#### [Goal of the exercise]
Keep the pictures out of your copy. Transcribe the records below exactly.

#### [Information provided]

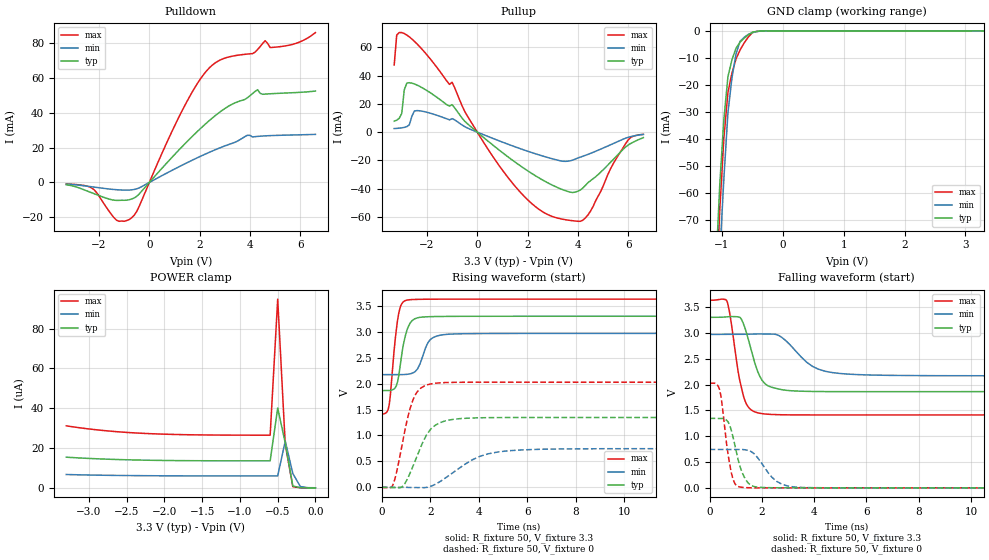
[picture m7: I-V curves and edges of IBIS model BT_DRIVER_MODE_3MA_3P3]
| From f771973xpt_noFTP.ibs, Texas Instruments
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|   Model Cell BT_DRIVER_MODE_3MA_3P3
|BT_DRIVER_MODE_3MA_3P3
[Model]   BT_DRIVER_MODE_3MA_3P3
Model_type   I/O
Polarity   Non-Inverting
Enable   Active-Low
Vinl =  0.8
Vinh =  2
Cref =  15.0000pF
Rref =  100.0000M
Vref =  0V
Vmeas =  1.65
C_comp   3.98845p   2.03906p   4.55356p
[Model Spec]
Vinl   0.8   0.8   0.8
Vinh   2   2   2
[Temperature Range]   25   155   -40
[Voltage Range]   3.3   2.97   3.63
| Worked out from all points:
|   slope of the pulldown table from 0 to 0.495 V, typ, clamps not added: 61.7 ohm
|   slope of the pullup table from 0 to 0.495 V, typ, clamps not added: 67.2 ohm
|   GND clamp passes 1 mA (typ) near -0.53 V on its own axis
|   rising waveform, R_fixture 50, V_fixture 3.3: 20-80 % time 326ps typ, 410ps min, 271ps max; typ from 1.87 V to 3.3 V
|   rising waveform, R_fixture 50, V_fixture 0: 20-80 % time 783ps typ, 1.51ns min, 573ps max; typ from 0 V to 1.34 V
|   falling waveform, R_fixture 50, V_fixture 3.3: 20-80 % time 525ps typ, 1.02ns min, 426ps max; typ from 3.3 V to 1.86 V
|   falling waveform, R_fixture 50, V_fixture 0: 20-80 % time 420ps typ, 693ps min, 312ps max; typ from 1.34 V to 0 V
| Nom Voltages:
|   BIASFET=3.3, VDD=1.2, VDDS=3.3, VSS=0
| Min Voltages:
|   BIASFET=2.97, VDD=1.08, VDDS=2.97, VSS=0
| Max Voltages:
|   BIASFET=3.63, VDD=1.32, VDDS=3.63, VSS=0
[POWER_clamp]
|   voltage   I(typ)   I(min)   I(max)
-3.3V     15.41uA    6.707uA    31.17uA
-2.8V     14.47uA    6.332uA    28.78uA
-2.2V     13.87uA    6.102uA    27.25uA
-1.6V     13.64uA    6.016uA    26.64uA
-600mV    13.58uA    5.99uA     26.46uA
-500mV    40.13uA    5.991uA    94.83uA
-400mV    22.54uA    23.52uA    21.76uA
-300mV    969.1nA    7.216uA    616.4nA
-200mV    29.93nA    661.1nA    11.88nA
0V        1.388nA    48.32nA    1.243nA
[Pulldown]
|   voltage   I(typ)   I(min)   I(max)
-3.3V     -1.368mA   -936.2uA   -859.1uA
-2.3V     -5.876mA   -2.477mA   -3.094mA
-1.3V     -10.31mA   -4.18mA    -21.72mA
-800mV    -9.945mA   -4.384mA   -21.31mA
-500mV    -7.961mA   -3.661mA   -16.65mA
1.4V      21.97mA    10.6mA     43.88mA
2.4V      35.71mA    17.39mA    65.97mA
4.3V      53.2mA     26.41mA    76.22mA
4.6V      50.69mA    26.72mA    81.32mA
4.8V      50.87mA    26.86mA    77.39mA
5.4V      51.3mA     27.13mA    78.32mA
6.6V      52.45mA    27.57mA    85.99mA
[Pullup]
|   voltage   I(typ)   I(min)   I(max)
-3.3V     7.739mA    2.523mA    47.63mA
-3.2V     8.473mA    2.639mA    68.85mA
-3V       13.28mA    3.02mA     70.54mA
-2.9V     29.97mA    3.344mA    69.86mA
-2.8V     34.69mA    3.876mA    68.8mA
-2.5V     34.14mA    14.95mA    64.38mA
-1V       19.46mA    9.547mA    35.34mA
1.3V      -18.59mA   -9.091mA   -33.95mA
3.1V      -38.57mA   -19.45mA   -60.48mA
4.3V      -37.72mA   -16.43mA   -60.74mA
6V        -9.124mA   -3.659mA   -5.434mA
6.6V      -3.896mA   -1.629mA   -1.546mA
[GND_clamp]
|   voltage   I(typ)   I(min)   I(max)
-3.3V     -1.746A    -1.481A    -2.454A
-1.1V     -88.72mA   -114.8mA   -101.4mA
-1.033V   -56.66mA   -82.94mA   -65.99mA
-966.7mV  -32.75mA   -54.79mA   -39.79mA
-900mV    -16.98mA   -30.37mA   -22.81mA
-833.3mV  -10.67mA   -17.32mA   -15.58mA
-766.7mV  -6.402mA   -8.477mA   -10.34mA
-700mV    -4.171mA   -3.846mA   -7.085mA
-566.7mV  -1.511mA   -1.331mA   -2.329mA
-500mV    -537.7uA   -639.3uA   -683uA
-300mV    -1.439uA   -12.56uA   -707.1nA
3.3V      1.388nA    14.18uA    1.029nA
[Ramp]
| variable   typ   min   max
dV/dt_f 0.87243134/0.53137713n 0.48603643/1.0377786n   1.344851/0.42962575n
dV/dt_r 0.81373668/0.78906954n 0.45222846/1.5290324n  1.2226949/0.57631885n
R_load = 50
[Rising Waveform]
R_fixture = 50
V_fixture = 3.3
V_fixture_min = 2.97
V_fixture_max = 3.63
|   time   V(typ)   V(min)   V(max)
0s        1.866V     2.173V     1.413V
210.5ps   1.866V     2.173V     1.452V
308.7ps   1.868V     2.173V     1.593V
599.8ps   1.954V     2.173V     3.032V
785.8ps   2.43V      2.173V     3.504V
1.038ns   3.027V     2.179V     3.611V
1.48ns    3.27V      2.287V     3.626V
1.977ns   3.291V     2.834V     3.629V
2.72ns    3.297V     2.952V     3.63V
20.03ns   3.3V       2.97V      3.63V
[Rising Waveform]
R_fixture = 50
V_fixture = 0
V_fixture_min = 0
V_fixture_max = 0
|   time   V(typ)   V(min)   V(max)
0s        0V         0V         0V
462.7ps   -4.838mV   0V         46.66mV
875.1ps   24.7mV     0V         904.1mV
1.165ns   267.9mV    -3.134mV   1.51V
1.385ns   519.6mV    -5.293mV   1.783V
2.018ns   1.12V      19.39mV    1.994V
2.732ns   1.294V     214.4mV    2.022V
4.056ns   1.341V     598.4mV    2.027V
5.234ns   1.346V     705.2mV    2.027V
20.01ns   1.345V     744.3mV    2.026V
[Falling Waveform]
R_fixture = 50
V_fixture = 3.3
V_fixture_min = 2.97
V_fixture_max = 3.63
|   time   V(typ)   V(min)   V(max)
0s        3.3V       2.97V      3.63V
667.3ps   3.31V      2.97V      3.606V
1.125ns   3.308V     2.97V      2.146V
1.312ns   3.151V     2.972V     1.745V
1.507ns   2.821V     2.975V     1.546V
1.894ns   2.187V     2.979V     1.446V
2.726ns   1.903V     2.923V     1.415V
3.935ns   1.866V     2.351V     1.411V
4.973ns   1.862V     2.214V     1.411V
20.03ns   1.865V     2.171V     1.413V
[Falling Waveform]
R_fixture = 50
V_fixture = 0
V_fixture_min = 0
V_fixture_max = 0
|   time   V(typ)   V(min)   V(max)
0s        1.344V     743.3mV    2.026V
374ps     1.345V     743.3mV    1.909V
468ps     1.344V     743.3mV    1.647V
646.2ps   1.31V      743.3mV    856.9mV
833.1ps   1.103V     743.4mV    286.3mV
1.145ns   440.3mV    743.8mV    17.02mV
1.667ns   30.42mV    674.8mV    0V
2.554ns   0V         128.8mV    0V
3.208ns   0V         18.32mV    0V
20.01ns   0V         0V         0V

#### [Answer space]
[picture m7: I-V curves and edges of IBIS model BT_DRIVER_MODE_3MA_3P3]
| From f771973xpt_noFTP.ibs, Texas Instruments
|   Model Cell BT_DRIVER_MODE_3MA_3P3
|BT_DRIVER_MODE_3MA_3P3
[Model]   BT_DRIVER_MODE_3MA_3P3
Model_type   I/O
Polarity   Non-Inverting
Enable   Active-Low
Vinl =  0.8
Vinh =  2
Cref =  15.0000pF
Rref =  100.0000M
Vref =  0V
Vmeas =  1.65
C_comp   3.98845p   2.03906p   4.55356p
[Model Spec]
Vinl   0.8   0.8   0.8
Vinh   2   2   2
[Temperature Range]   25   155   -40
[Voltage Range]   3.3   2.97   3.63
| Worked out from all points:
|   slope of the pulldown table from 0 to 0.495 V, typ, clamps not added: 61.7 ohm
|   slope of the pullup table from 0 to 0.495 V, typ, clamps not added: 67.2 ohm
|   GND clamp passes 1 mA (typ) near -0.53 V on its own axis
|   rising waveform, R_fixture 50, V_fixture 3.3: 20-80 % time 326ps typ, 410ps min, 271ps max; typ from 1.87 V to 3.3 V
|   rising waveform, R_fixture 50, V_fixture 0: 20-80 % time 783ps typ, 1.51ns min, 573ps max; typ from 0 V to 1.34 V
|   falling waveform, R_fixture 50, V_fixture 3.3: 20-80 % time 525ps typ, 1.02ns min, 426ps max; typ from 3.3 V to 1.86 V
|   falling waveform, R_fixture 50, V_fixture 0: 20-80 % time 420ps typ, 693ps min, 312ps max; typ from 1.34 V to 0 V
| Nom Voltages:
|   BIASFET=3.3, VDD=1.2, VDDS=3.3, VSS=0
| Min Voltages:
|   BIASFET=2.97, VDD=1.08, VDDS=2.97, VSS=0
| Max Voltages:
|   BIASFET=3.63, VDD=1.32, VDDS=3.63, VSS=0
[POWER_clamp]
|   voltage   I(typ)   I(min)   I(max)
-3.3V     15.41uA    6.707uA    31.17uA
-2.8V     14.47uA    6.332uA    28.78uA
-2.2V     13.87uA    6.102uA    27.25uA
-1.6V     13.64uA    6.016uA    26.64uA
-600mV    13.58uA    5.99uA     26.46uA
-500mV    40.13uA    5.991uA    94.83uA
-400mV    22.54uA    23.52uA    21.76uA
-300mV    969.1nA    7.216uA    616.4nA
-200mV    29.93nA    661.1nA    11.88nA
0V        1.388nA    48.32nA    1.243nA
[Pulldown]
|   voltage   I(typ)   I(min)   I(max)
-3.3V     -1.368mA   -936.2uA   -859.1uA
-2.3V     -5.876mA   -2.477mA   -3.094mA
-1.3V     -10.31mA   -4.18mA    -21.72mA
-800mV    -9.945mA   -4.384mA   -21.31mA
-500mV    -7.961mA   -3.661mA   -16.65mA
1.4V      21.97mA    10.6mA     43.88mA
2.4V      35.71mA    17.39mA    65.97mA
4.3V      53.2mA     26.41mA    76.22mA
4.6V      50.69mA    26.72mA    81.32mA
4.8V      50.87mA    26.86mA    77.39mA
5.4V      51.3mA     27.13mA    78.32mA
6.6V      52.45mA    27.57mA    85.99mA
[Pullup]
|   voltage   I(typ)   I(min)   I(max)
-3.3V     7.739mA    2.523mA    47.63mA
-3.2V     8.473mA    2.639mA    68.85mA
-3V       13.28mA    3.02mA     70.54mA
-2.9V     29.97mA    3.344mA    69.86mA
-2.8V     34.69mA    3.876mA    68.8mA
-2.5V     34.14mA    14.95mA    64.38mA
-1V       19.46mA    9.547mA    35.34mA
1.3V      -18.59mA   -9.091mA   -33.95mA
3.1V      -38.57mA   -19.45mA   -60.48mA
4.3V      -37.72mA   -16.43mA   -60.74mA
6V        -9.124mA   -3.659mA   -5.434mA
6.6V      -3.896mA   -1.629mA   -1.546mA
[GND_clamp]
|   voltage   I(typ)   I(min)   I(max)
-3.3V     -1.746A    -1.481A    -2.454A
-1.1V     -88.72mA   -114.8mA   -101.4mA
-1.033V   -56.66mA   -82.94mA   -65.99mA
-966.7mV  -32.75mA   -54.79mA   -39.79mA
-900mV    -16.98mA   -30.37mA   -22.81mA
-833.3mV  -10.67mA   -17.32mA   -15.58mA
-766.7mV  -6.402mA   -8.477mA   -10.34mA
-700mV    -4.171mA   -3.846mA   -7.085mA
-566.7mV  -1.511mA   -1.331mA   -2.329mA
-500mV    -537.7uA   -639.3uA   -683uA
-300mV    -1.439uA   -12.56uA   -707.1nA
3.3V      1.388nA    14.18uA    1.029nA
[Ramp]
| variable   typ   min   max
dV/dt_f 0.87243134/0.53137713n 0.48603643/1.0377786n   1.344851/0.42962575n
dV/dt_r 0.81373668/0.78906954n 0.45222846/1.5290324n  1.2226949/0.57631885n
R_load = 50
[Rising Waveform]
R_fixture = 50
V_fixture = 3.3
V_fixture_min = 2.97
V_fixture_max = 3.63
|   time   V(typ)   V(min)   V(max)
0s        1.866V     2.173V     1.413V
210.5ps   1.866V     2.173V     1.452V
308.7ps   1.868V     2.173V     1.593V
599.8ps   1.954V     2.173V     3.032V
785.8ps   2.43V      2.173V     3.504V
1.038ns   3.027V     2.179V     3.611V
1.48ns    3.27V      2.287V     3.626V
1.977ns   3.291V     2.834V     3.629V
2.72ns    3.297V     2.952V     3.63V
20.03ns   3.3V       2.97V      3.63V
[Rising Waveform]
R_fixture = 50
V_fixture = 0
V_fixture_min = 0
V_fixture_max = 0
|   time   V(typ)   V(min)   V(max)
0s        0V         0V         0V
462.7ps   -4.838mV   0V         46.66mV
875.1ps   24.7mV     0V         904.1mV
1.165ns   267.9mV    -3.134mV   1.51V
1.385ns   519.6mV    -5.293mV   1.783V
2.018ns   1.12V      19.39mV    1.994V
2.732ns   1.294V     214.4mV    2.022V
4.056ns   1.341V     598.4mV    2.027V
5.234ns   1.346V     705.2mV    2.027V
20.01ns   1.345V     744.3mV    2.026V
[Falling Waveform]
R_fixture = 50
V_fixture = 3.3
V_fixture_min = 2.97
V_fixture_max = 3.63
|   time   V(typ)   V(min)   V(max)
0s        3.3V       2.97V      3.63V
667.3ps   3.31V      2.97V      3.606V
1.125ns   3.308V     2.97V      2.146V
1.312ns   3.151V     2.972V     1.745V
1.507ns   2.821V     2.975V     1.546V
1.894ns   2.187V     2.979V     1.446V
2.726ns   1.903V     2.923V     1.415V
3.935ns   1.866V     2.351V     1.411V
4.973ns   1.862V     2.214V     1.411V
20.03ns   1.865V     2.171V     1.413V
[Falling Waveform]
R_fixture = 50
V_fixture = 0
V_fixture_min = 0
V_fixture_max = 0
|   time   V(typ)   V(min)   V(max)
0s        1.344V     743.3mV    2.026V
374ps     1.345V     743.3mV    1.909V
468ps     1.344V     743.3mV    1.647V
646.2ps   1.31V      743.3mV    856.9mV
833.1ps   1.103V     743.4mV    286.3mV
1.145ns   440.3mV    743.8mV    17.02mV
1.667ns   30.42mV    674.8mV    0V
2.554ns   0V         128.8mV    0V
3.208ns   0V         18.32mV    0V
20.01ns   0V         0V         0V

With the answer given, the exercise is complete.